- [What the exercise asks]:
Although the entries contain pictures, repeat only their words, exactly as written.

Dataset records: Begin

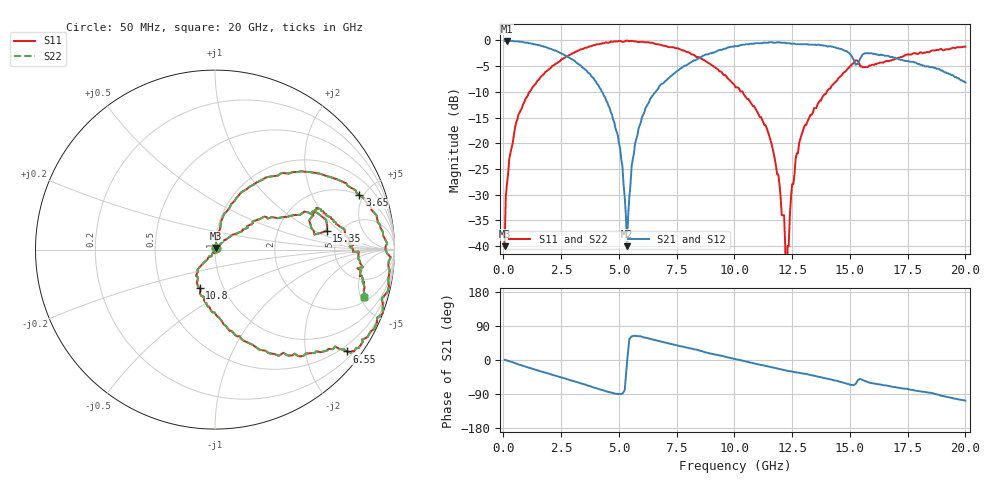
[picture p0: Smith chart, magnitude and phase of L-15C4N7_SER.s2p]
# MHZ S MA R 50
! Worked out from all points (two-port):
!   400 points, 50 MHz to 20 GHz, reference 50 ohm
!   highest |S21| = -0.09 dB at 150 MHz (marker M1); lowest = -40.0 dB at 5.35 GHz (marker M2)
!   |S21| within 3 dB of the highest: start of sweep to 2.746 GHz; 8.604 GHz to 15.08 GHz (6.477 GHz wide, 54.7 % of centre)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
!   lowest |S11| = -40.0 dB at 50 MHz (marker M3), VSWR 1.02, Z = 50.3 + j0.956 ohm
!   |S11| at or under -10 dB: start of sweep to 1.131 GHz; 10.36 GHz to 13.99 GHz (3.632 GHz wide, 29.8 % of centre)
!   |S22| runs from - to 0.0 dB; largest |S21 - S12| = 0
!   S11 on the Smith chart (normalised r, x): 50 MHz: 1.01, +0.02; 3.65 GHz: 2.01, +4.67; 6.55 GHz: 0.35, -2.90; 10.8 GHz: 0.77, -0.35; 15.35 GHz: 3.91, +1.35; 20 GHz: 2.43, -5.31
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50  0.01 71.8  0.99 0.7  0.99 0.7  0.01 71.8
150  0.04 83.2  0.99 -1.3  0.99 -1.3  0.04 83.2
950  0.27 70.4  0.95 -17.3  0.95 -17.3  0.27 70.4
3400  0.82 25.7  0.55 -62.6  0.55 -62.6  0.82 25.7
3650  0.86 20.6  0.49 -67.5  0.49 -67.5  0.86 20.6
4950  0.98 -10.0  0.12 -89.3  0.12 -89.3  0.98 -10.0
5350  1 -20.8  0.01 -6.7  0.01 -6.7  1 -20.8
5700  0.98 -28.8  0.1 63.7  0.1 63.7  0.98 -28.8
6550  0.93 -37.6  0.31 52.5  0.31 52.5  0.93 -37.6
6700  0.92 -37.9  0.34 50.5  0.34 50.5  0.92 -37.9
10050  0.35 -90.4  0.88 2.3  0.88 2.3  0.35 -90.4
10800  0.23 -111.7  0.93 -8.1  0.93 -8.1  0.23 -111.7
11550  0.11 -130.8  0.96 -18.5  0.96 -18.5  0.11 -130.8
12150  0.02 -94.6  0.95 -26.8  0.95 -26.8  0.02 -94.6
12200  0.01 -65.7  0.95 -27.5  0.95 -27.5  0.01 -65.7
12250  0 -36.8  0.94 -28.3  0.94 -28.3  0 -36.8
12300  0.01 -13.7  0.94 -28.8  0.94 -28.8  0.01 -13.7
12450  0.03 47.1  0.93 -30.0  0.93 -30.0  0.03 47.1
13350  0.19 36.0  0.91 -40.2  0.91 -40.2  0.19 36.0
15350  0.63 9.5  0.59 -53.1  0.59 -53.1  0.63 9.5
16700  0.63 20.0  0.7 -69.0  0.7 -69.0  0.63 20.0
20000  0.87 -17.8  0.39 -107.1  0.39 -107.1  0.87 -17.8

Dataset records: End

- [Solution for this problem]:
[picture p0: Smith chart, magnitude and phase of L-15C4N7_SER.s2p]
# MHZ S MA R 50
! Worked out from all points (two-port):
!   400 points, 50 MHz to 20 GHz, reference 50 ohm
!   highest |S21| = -0.09 dB at 150 MHz (marker M1); lowest = -40.0 dB at 5.35 GHz (marker M2)
!   |S21| within 3 dB of the highest: start of sweep to 2.746 GHz; 8.604 GHz to 15.08 GHz (6.477 GHz wide, 54.7 % of centre)
!   lowest |S11| = -40.0 dB at 50 MHz (marker M3), VSWR 1.02, Z = 50.3 + j0.956 ohm
!   |S11| at or under -10 dB: start of sweep to 1.131 GHz; 10.36 GHz to 13.99 GHz (3.632 GHz wide, 29.8 % of centre)
!   |S22| runs from - to 0.0 dB; largest |S21 - S12| = 0
!   S11 on the Smith chart (normalised r, x): 50 MHz: 1.01, +0.02; 3.65 GHz: 2.01, +4.67; 6.55 GHz: 0.35, -2.90; 10.8 GHz: 0.77, -0.35; 15.35 GHz: 3.91, +1.35; 20 GHz: 2.43, -5.31
50  0.01 71.8  0.99 0.7  0.99 0.7  0.01 71.8
150  0.04 83.2  0.99 -1.3  0.99 -1.3  0.04 83.2
950  0.27 70.4  0.95 -17.3  0.95 -17.3  0.27 70.4
3400  0.82 25.7  0.55 -62.6  0.55 -62.6  0.82 25.7
3650  0.86 20.6  0.49 -67.5  0.49 -67.5  0.86 20.6
4950  0.98 -10.0  0.12 -89.3  0.12 -89.3  0.98 -10.0
5350  1 -20.8  0.01 -6.7  0.01 -6.7  1 -20.8
5700  0.98 -28.8  0.1 63.7  0.1 63.7  0.98 -28.8
6550  0.93 -37.6  0.31 52.5  0.31 52.5  0.93 -37.6
6700  0.92 -37.9  0.34 50.5  0.34 50.5  0.92 -37.9
10050  0.35 -90.4  0.88 2.3  0.88 2.3  0.35 -90.4
10800  0.23 -111.7  0.93 -8.1  0.93 -8.1  0.23 -111.7
11550  0.11 -130.8  0.96 -18.5  0.96 -18.5  0.11 -130.8
12150  0.02 -94.6  0.95 -26.8  0.95 -26.8  0.02 -94.6
12200  0.01 -65.7  0.95 -27.5  0.95 -27.5  0.01 -65.7
12250  0 -36.8  0.94 -28.3  0.94 -28.3  0 -36.8
12300  0.01 -13.7  0.94 -28.8  0.94 -28.8  0.01 -13.7
12450  0.03 47.1  0.93 -30.0  0.93 -30.0  0.03 47.1
13350  0.19 36.0  0.91 -40.2  0.91 -40.2  0.19 36.0
15350  0.63 9.5  0.59 -53.1  0.59 -53.1  0.63 9.5
16700  0.63 20.0  0.7 -69.0  0.7 -69.0  0.63 20.0
20000  0.87 -17.8  0.39 -107.1  0.39 -107.1  0.87 -17.8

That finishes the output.